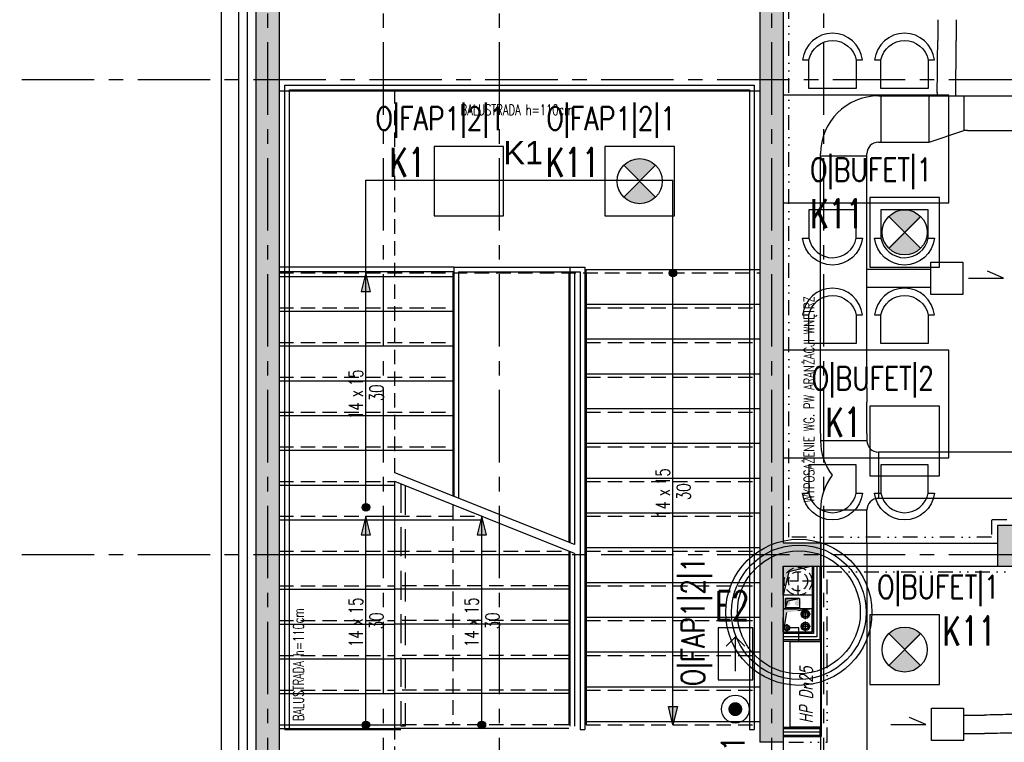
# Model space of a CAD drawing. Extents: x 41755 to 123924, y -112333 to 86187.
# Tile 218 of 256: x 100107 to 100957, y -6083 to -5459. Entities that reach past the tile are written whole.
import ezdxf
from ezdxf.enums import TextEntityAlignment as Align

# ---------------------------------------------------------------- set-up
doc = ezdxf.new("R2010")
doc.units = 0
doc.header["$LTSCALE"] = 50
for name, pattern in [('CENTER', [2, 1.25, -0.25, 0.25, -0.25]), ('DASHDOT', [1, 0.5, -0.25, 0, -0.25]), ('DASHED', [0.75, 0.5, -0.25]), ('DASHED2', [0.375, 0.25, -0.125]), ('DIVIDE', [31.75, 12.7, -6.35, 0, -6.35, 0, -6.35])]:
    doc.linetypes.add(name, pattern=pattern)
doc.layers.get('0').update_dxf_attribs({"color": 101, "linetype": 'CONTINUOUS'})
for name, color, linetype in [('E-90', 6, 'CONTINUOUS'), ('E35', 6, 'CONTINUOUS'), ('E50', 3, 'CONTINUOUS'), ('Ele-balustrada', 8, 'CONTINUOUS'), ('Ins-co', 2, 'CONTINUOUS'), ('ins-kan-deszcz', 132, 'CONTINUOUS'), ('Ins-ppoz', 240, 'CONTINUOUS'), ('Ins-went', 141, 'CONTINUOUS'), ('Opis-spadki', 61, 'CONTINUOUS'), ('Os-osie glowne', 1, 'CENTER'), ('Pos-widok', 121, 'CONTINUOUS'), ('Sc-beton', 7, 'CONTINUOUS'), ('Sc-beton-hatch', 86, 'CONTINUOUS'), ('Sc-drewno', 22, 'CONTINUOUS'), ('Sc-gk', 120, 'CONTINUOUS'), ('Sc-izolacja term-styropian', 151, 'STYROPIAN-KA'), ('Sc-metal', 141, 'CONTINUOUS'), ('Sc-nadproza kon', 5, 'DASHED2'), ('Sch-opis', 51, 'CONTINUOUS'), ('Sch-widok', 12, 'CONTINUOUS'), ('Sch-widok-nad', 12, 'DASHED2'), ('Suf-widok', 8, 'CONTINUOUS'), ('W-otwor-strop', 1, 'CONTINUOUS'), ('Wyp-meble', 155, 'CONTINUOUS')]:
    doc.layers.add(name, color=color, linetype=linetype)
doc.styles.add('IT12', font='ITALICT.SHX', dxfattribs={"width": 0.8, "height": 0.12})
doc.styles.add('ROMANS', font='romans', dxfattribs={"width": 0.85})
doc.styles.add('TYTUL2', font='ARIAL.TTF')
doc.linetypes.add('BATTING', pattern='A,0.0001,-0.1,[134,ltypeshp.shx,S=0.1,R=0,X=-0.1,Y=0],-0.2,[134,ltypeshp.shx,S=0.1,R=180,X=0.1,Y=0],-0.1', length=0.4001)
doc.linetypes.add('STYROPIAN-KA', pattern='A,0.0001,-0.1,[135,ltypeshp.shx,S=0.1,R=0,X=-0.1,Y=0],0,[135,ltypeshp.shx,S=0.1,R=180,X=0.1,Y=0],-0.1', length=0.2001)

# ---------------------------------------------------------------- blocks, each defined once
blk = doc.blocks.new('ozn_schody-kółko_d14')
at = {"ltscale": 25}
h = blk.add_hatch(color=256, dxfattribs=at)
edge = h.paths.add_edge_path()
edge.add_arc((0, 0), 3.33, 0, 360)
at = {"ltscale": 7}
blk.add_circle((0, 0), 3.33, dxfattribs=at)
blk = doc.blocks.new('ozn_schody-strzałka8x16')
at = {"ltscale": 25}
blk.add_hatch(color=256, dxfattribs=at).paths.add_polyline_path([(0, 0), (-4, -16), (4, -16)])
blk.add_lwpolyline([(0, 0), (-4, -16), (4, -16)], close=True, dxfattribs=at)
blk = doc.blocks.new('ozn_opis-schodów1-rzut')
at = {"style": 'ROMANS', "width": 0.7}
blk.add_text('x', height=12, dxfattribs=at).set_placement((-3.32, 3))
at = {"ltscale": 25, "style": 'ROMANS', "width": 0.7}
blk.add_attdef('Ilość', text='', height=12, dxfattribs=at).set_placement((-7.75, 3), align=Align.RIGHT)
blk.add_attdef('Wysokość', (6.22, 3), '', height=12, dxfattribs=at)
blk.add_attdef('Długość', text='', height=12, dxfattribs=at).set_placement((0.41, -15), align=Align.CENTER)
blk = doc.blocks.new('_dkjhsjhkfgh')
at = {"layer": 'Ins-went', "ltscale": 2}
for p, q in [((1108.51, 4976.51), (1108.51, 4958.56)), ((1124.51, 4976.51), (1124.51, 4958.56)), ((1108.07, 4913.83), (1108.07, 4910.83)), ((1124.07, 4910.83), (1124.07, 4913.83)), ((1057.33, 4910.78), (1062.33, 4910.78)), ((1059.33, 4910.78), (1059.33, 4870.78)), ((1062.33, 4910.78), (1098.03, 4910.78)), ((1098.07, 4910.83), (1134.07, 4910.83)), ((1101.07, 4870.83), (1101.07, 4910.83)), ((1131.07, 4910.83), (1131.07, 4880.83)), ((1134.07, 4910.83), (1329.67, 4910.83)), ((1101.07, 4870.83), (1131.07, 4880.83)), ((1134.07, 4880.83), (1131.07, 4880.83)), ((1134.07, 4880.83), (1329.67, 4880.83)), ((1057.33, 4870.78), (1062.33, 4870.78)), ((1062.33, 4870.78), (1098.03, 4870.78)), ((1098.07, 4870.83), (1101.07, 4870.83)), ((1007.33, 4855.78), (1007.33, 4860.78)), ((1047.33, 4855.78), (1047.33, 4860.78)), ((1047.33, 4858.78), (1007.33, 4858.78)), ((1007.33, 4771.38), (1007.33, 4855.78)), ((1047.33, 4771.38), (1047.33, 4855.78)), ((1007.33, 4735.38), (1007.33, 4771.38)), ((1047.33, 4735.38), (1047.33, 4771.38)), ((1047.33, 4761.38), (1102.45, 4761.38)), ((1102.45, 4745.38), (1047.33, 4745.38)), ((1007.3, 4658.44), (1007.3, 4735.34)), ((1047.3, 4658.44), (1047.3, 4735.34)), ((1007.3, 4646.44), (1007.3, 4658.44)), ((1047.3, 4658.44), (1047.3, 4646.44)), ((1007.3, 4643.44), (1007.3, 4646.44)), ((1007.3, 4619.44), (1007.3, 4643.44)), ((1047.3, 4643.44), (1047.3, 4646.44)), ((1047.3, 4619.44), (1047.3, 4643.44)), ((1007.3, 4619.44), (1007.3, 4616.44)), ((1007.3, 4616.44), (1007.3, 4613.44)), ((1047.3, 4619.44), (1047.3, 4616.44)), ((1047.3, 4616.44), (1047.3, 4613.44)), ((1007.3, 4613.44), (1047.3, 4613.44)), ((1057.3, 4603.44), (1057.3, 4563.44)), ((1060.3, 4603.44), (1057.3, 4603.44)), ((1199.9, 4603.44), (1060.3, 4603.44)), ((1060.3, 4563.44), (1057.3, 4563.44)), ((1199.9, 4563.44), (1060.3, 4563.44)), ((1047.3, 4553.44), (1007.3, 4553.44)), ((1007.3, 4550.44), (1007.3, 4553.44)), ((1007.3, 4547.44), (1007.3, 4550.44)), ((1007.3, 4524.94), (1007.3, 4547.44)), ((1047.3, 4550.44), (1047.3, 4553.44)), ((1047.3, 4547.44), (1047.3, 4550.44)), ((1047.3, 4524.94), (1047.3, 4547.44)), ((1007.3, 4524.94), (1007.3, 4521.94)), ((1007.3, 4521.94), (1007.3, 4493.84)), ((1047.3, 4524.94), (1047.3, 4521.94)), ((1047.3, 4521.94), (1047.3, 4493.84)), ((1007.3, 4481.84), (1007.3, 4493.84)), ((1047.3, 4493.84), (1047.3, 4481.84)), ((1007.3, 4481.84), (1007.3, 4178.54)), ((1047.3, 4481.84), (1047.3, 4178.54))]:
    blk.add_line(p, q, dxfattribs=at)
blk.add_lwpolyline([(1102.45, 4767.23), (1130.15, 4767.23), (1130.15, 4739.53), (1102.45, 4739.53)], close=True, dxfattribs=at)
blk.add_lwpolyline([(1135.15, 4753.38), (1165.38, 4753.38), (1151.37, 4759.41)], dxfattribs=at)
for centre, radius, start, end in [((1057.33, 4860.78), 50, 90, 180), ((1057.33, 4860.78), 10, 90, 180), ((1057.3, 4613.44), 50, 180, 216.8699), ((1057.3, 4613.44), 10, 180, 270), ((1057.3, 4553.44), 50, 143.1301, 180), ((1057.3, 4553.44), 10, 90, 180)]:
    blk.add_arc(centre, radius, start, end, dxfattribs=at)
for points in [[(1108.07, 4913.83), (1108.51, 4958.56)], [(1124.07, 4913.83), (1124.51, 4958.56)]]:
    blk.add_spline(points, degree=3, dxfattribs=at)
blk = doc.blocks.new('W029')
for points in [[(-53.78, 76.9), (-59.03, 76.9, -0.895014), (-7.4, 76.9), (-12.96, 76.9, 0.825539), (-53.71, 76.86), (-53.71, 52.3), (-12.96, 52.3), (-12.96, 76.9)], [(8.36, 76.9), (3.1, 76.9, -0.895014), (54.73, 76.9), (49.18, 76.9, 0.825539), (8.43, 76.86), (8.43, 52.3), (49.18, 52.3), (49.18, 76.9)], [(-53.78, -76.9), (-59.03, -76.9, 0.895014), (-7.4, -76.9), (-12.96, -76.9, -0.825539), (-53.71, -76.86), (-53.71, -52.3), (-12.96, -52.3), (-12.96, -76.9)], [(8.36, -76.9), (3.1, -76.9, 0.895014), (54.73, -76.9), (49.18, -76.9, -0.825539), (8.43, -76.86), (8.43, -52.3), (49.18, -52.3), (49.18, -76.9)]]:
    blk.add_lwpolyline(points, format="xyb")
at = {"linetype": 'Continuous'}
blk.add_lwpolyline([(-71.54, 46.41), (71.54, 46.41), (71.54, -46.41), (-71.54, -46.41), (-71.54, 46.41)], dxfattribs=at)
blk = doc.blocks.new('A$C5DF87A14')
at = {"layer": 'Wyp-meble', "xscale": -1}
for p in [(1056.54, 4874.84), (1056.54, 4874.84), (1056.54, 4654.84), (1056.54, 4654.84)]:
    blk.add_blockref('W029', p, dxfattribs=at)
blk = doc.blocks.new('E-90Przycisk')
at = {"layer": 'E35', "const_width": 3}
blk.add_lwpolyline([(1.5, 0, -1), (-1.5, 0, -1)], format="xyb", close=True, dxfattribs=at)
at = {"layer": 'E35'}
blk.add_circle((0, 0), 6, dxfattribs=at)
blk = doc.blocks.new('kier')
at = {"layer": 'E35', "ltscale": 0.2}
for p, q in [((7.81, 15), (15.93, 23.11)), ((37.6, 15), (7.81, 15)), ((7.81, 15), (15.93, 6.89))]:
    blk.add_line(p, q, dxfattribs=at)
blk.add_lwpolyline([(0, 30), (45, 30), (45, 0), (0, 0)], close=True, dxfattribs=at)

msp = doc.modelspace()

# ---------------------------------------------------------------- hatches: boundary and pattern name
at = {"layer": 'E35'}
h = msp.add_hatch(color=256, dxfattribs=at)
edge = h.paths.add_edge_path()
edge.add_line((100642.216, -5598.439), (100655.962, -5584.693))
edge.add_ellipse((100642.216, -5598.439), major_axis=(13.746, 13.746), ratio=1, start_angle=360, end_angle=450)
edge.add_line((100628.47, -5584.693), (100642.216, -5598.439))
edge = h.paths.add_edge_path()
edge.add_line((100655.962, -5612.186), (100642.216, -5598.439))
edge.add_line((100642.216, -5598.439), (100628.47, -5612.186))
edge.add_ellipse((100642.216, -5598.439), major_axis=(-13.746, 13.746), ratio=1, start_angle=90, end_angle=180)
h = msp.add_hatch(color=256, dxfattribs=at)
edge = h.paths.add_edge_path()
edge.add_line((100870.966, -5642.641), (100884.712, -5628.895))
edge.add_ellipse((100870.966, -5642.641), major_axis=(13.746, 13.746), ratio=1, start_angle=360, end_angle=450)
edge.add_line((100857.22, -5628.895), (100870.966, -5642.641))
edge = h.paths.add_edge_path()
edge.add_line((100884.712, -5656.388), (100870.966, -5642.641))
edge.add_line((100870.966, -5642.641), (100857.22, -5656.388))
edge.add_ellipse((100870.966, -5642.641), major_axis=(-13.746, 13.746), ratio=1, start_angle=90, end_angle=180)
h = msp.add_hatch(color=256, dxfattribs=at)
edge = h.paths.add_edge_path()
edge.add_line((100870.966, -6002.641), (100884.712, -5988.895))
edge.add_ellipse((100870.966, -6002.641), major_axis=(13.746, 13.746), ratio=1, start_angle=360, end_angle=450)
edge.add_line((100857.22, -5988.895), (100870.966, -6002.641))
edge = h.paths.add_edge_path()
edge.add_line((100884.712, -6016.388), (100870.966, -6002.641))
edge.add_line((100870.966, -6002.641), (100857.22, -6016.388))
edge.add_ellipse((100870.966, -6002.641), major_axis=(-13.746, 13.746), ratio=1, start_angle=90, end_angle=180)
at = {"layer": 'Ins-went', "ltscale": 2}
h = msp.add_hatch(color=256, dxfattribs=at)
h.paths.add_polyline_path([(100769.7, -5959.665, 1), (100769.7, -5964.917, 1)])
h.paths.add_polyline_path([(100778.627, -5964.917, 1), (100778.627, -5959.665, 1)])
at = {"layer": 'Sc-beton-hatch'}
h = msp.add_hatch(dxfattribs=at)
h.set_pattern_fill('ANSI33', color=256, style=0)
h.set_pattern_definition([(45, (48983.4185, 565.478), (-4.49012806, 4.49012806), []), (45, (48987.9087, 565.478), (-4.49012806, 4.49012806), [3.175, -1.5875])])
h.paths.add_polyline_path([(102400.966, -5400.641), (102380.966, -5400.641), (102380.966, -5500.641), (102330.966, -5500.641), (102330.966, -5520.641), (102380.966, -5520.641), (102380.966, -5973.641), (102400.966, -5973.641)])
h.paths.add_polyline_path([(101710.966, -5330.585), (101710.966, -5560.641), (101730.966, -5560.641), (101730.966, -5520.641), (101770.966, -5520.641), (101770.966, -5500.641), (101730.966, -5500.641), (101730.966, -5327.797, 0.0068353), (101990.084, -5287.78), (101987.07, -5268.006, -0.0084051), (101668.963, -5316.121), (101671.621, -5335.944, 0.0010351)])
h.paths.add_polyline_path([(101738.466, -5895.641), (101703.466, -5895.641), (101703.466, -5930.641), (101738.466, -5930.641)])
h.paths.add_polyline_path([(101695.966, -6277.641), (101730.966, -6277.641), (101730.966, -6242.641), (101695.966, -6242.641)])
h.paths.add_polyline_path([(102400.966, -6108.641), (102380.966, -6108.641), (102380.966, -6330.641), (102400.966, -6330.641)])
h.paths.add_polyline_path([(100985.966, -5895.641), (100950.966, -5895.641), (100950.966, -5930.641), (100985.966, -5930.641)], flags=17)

◆ **Your assignment**
Once you find the line with "edge.add_line((100870.966, -6002.641), (100884.712, -5988.895))" in the entries above, output it and each line after it up to and including the line with "-6330.641), (102400.966, -6330.641)])", and nothing else.

◆ **Answer to the exercise**
edge.add_line((100870.966, -6002.641), (100884.712, -5988.895))
edge.add_ellipse((100870.966, -6002.641), major_axis=(13.746, 13.746), ratio=1, start_angle=360, end_angle=450)
edge.add_line((100857.22, -5988.895), (100870.966, -6002.641))
edge = h.paths.add_edge_path()
edge.add_line((100884.712, -6016.388), (100870.966, -6002.641))
edge.add_line((100870.966, -6002.641), (100857.22, -6016.388))
edge.add_ellipse((100870.966, -6002.641), major_axis=(-13.746, 13.746), ratio=1, start_angle=90, end_angle=180)
at = {"layer": 'Ins-went', "ltscale": 2}
h = msp.add_hatch(color=256, dxfattribs=at)
h.paths.add_polyline_path([(100769.7, -5959.665, 1), (100769.7, -5964.917, 1)])
h.paths.add_polyline_path([(100778.627, -5964.917, 1), (100778.627, -5959.665, 1)])
at = {"layer": 'Sc-beton-hatch'}
h = msp.add_hatch(dxfattribs=at)
h.set_pattern_fill('ANSI33', color=256, style=0)
h.set_pattern_definition([(45, (48983.4185, 565.478), (-4.49012806, 4.49012806), []), (45, (48987.9087, 565.478), (-4.49012806, 4.49012806), [3.175, -1.5875])])
h.paths.add_polyline_path([(102400.966, -5400.641), (102380.966, -5400.641), (102380.966, -5500.641), (102330.966, -5500.641), (102330.966, -5520.641), (102380.966, -5520.641), (102380.966, -5973.641), (102400.966, -5973.641)])
h.paths.add_polyline_path([(101710.966, -5330.585), (101710.966, -5560.641), (101730.966, -5560.641), (101730.966, -5520.641), (101770.966, -5520.641), (101770.966, -5500.641), (101730.966, -5500.641), (101730.966, -5327.797, 0.0068353), (101990.084, -5287.78), (101987.07, -5268.006, -0.0084051), (101668.963, -5316.121), (101671.621, -5335.944, 0.0010351)])
h.paths.add_polyline_path([(101738.466, -5895.641), (101703.466, -5895.641), (101703.466, -5930.641), (101738.466, -5930.641)])
h.paths.add_polyline_path([(101695.966, -6277.641), (101730.966, -6277.641), (101730.966, -6242.641), (101695.966, -6242.641)])
h.paths.add_polyline_path([(102400.966, -6108.641), (102380.966, -6108.641), (102380.966, -6330.641), (102400.966, -6330.641)])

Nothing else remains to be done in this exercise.